His shtick is so tired, even Steve Young and Tom Jackson were mocking Irvin after the Alexander segment yesterday. And that's saying something!

You know, I hate to say it, but ESPN has slipped to the bottom of the NFL pregame show pile. They're even below FOX, who employs two mammary glands named Jillian Barberie. And CBS, who gets it right. Sure, it's vanilla, but it's informative and moderately entertaining, and that's what a pregame show should be. You don't have to go over the top, you just have to dispense information in a somewhat entertaining manner.

Speaking of which, Armen Keteyian's segment on Steve Belichick made me wish I had a TiVo. Brilliant stuff.

Fuck You, Peter King

Since I live on the east coast, I rarely lend credence to the "East coast bias" argument that those on the left coast tend to resort to when their teams aren't getting enough publicity. But Peter King, c'mon, you're better than what you wrote today.
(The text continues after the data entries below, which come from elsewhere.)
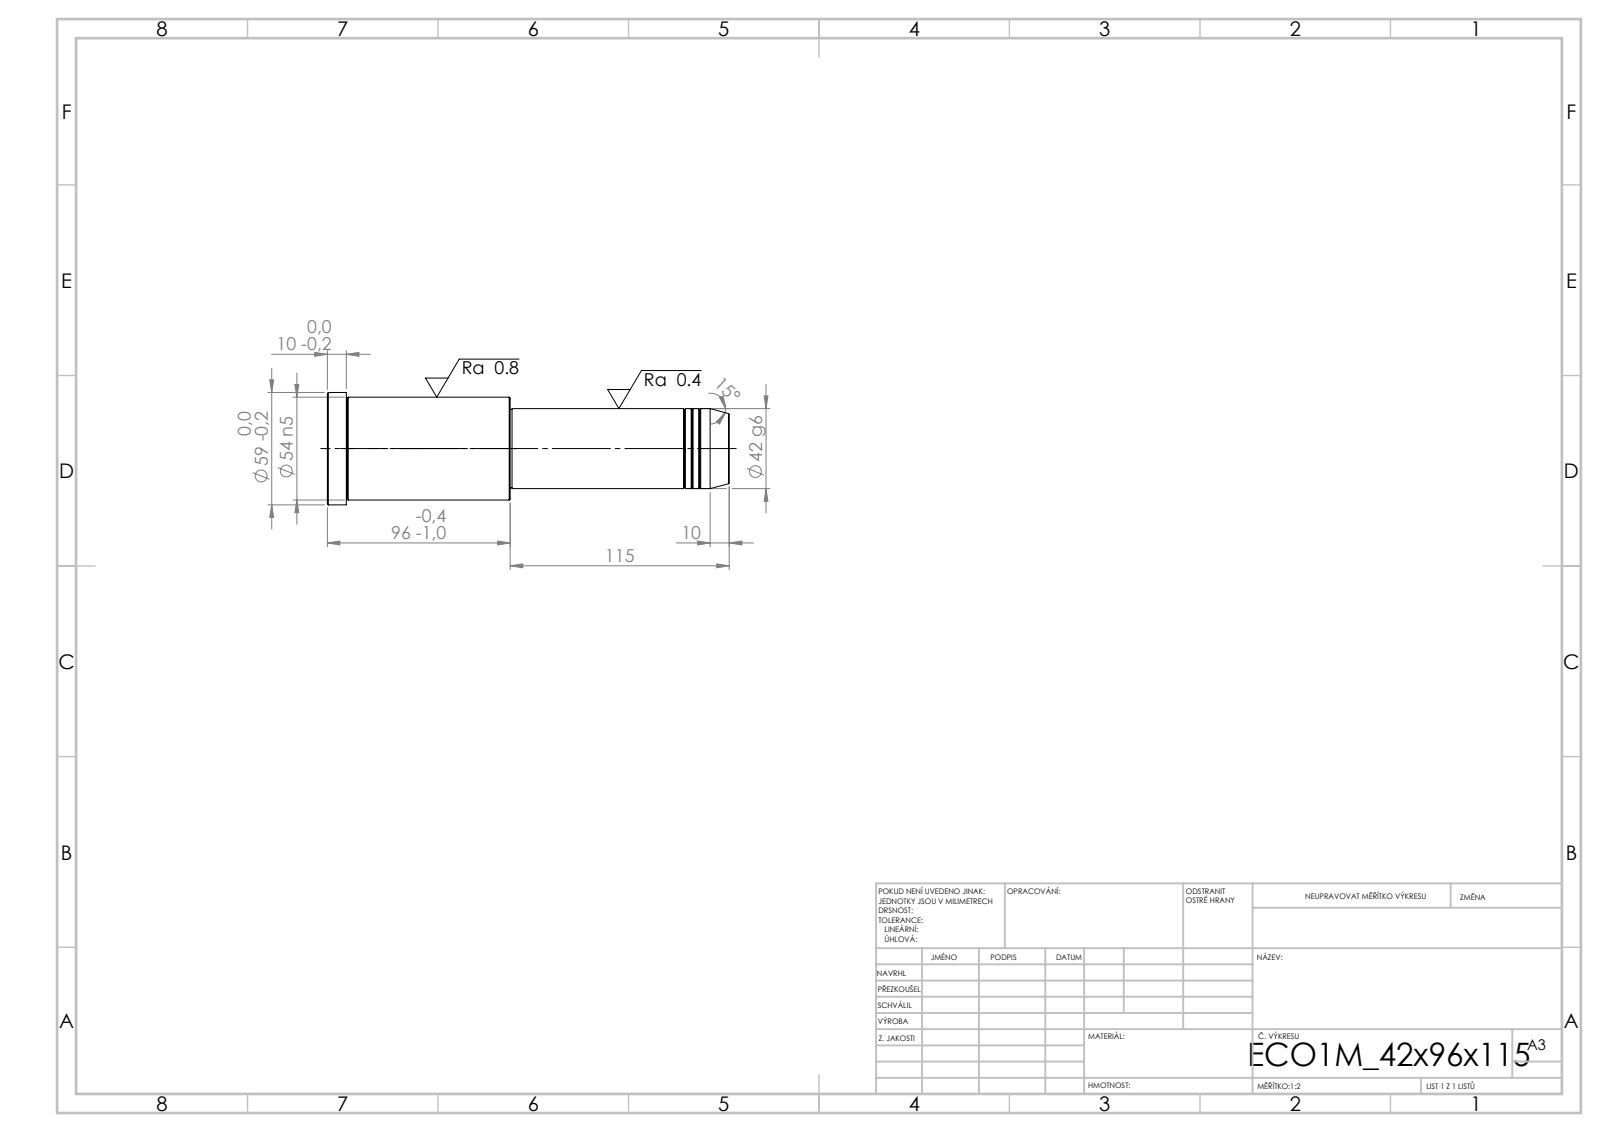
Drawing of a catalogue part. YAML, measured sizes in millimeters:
step_written_by: "SolidWorks 2019 (CONFIG_CONTROL_DESIGN)"
units: millimeters
bodies: {solids: 1, faces: 43, planar: 5, cylindrical: 14, other: 24}
overall_size: [211, 59, 59]
volume: 381600
surface_area: 37033
round_bosses_or_shafts:
  - {diameter: 59, count: 1}
  - {diameter: 54, count: 1}
  - {diameter: 42, count: 1}
  - {diameter: 41, count: 1}
face_to_face_distances: [211, 115, 96, 201, 86, 10, 114, 1, 87, 97]
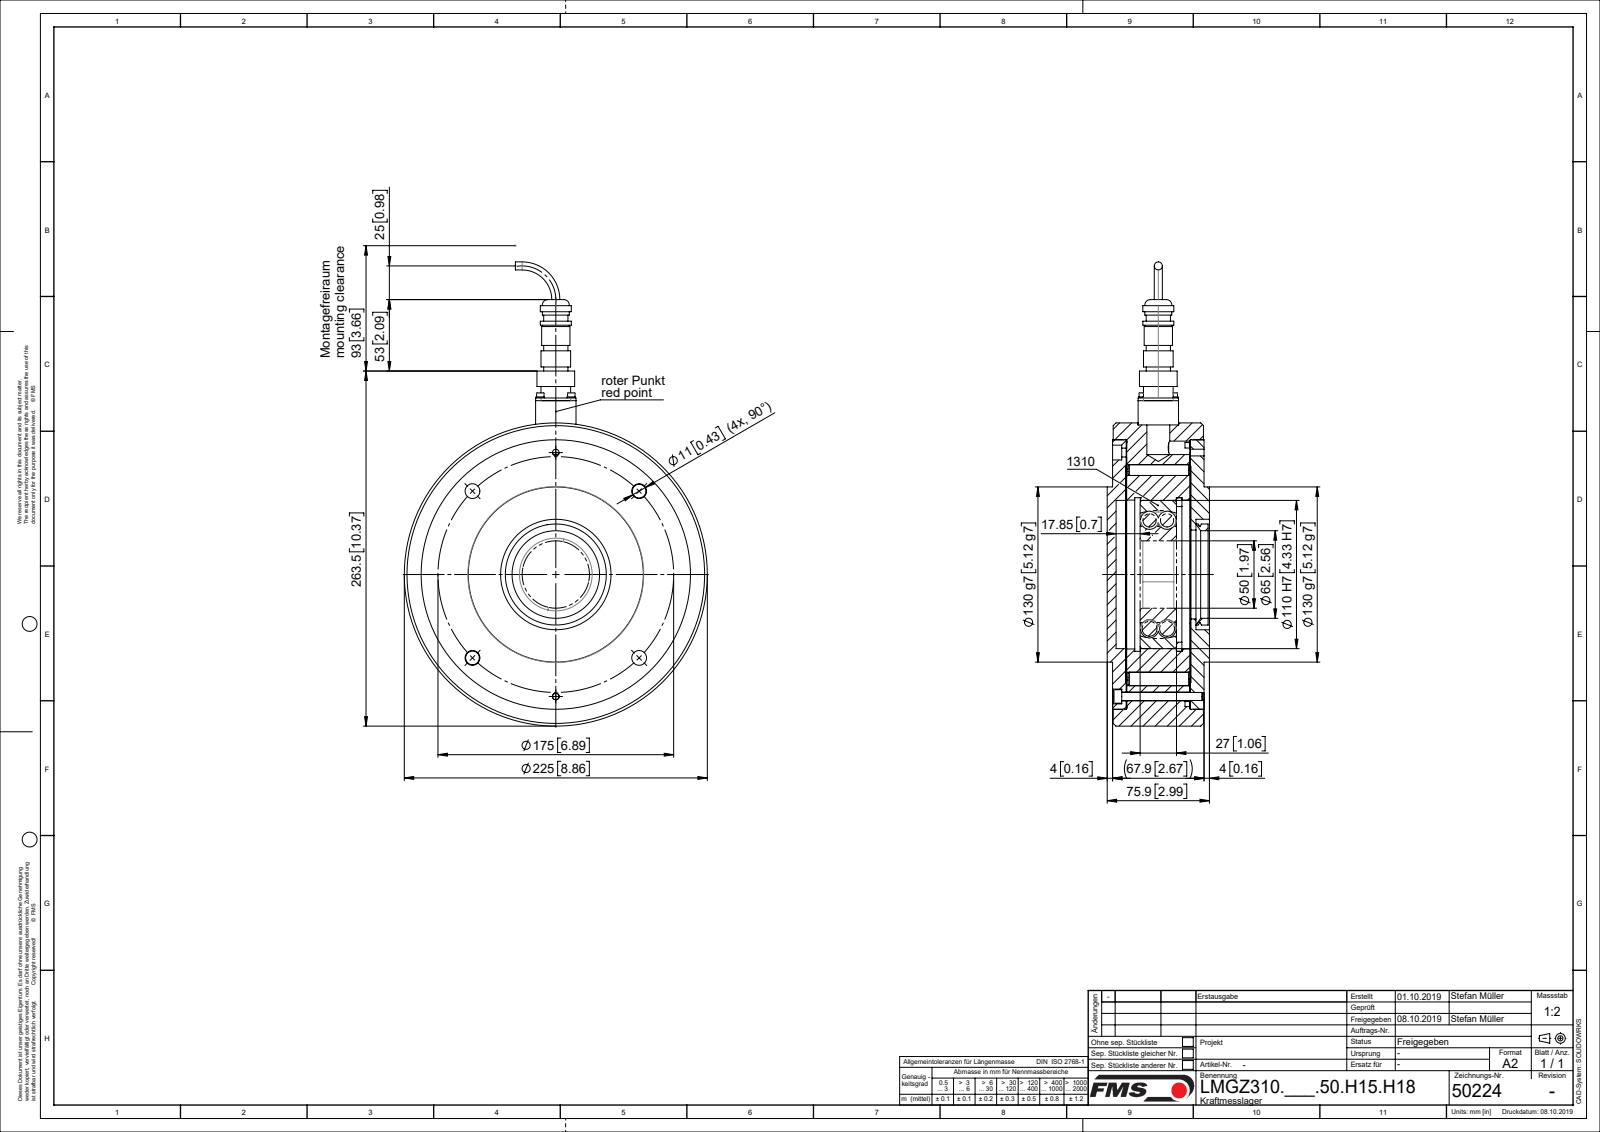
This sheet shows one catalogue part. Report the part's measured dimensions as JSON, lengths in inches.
{"part_name": "ZEICHNUNG7; L50224; L49152; TEIL1 (+8 more)", "step_written_by": "Mechanical Desktop 2007 (CONFIG_CONTROL_DESIGN)", "units": "inches", "bodies": {"solids": 19, "faces": 374, "planar": 96, "cylindrical": 226, "other": 52}, "overall_size": [13.563, 8.858, 2.988], "volume_in3": 147.2, "surface_area_in2": 604, "round_holes": [[0.433, 6], [0.102, 4], [0.126, 4], [0.134, 4], [0.354, 4], [0.197, 2], [0.26, 2], [1.969, 1], [2.52, 1], [2.598, 1], [3.228, 1], [3.472, 1]], "round_bosses_or_shafts": [[0.244, 4], [0.217, 4], [0.118, 4], [0.098, 4], [0.236, 2], [8.858, 1], [7.835, 1], [5.118, 1]], "partial_cylinders_radius": [[0.157, 4], [3.189, 1], [3.386, 1]], "face_to_face_distances": [0.382, 1.86, 0.411, 0.423, 1.868, 2.272, 0.402, 2.262, 1.85, 0.394], "hole_center_spacings": [0.906, 3.445, 1.281, 2.684, 2.684, 3.563, 4.872, 4.872]}

The Giants are the best team in the NFC? Puh-lease. Maybe that would mean something if you didn't live in Ernie Accorsi's lower intestines. They're good, don't get me wrong, but the best?

They got two gift (and by gift I mean "non") TDs yesterday, dropped half a dozen passes and committed 16 penalties. When they had taken the crowd out of it in the 3rd quarter, Eli Manning let them back in the game by throwing a punt to Michael Boulware, which rejuvenated the crowd and the Seahawks, who immediately took the lead. Is that the makings of the "best team in the NFC"? I don't think so.

And your egg nog latte tastes metallic? The horror, you say! That's what you get for continually spending $4 on burnt coffee.

For the record, "Seattle's lovely new home" was opened in 2002. Same year that Gillette Stadium was built.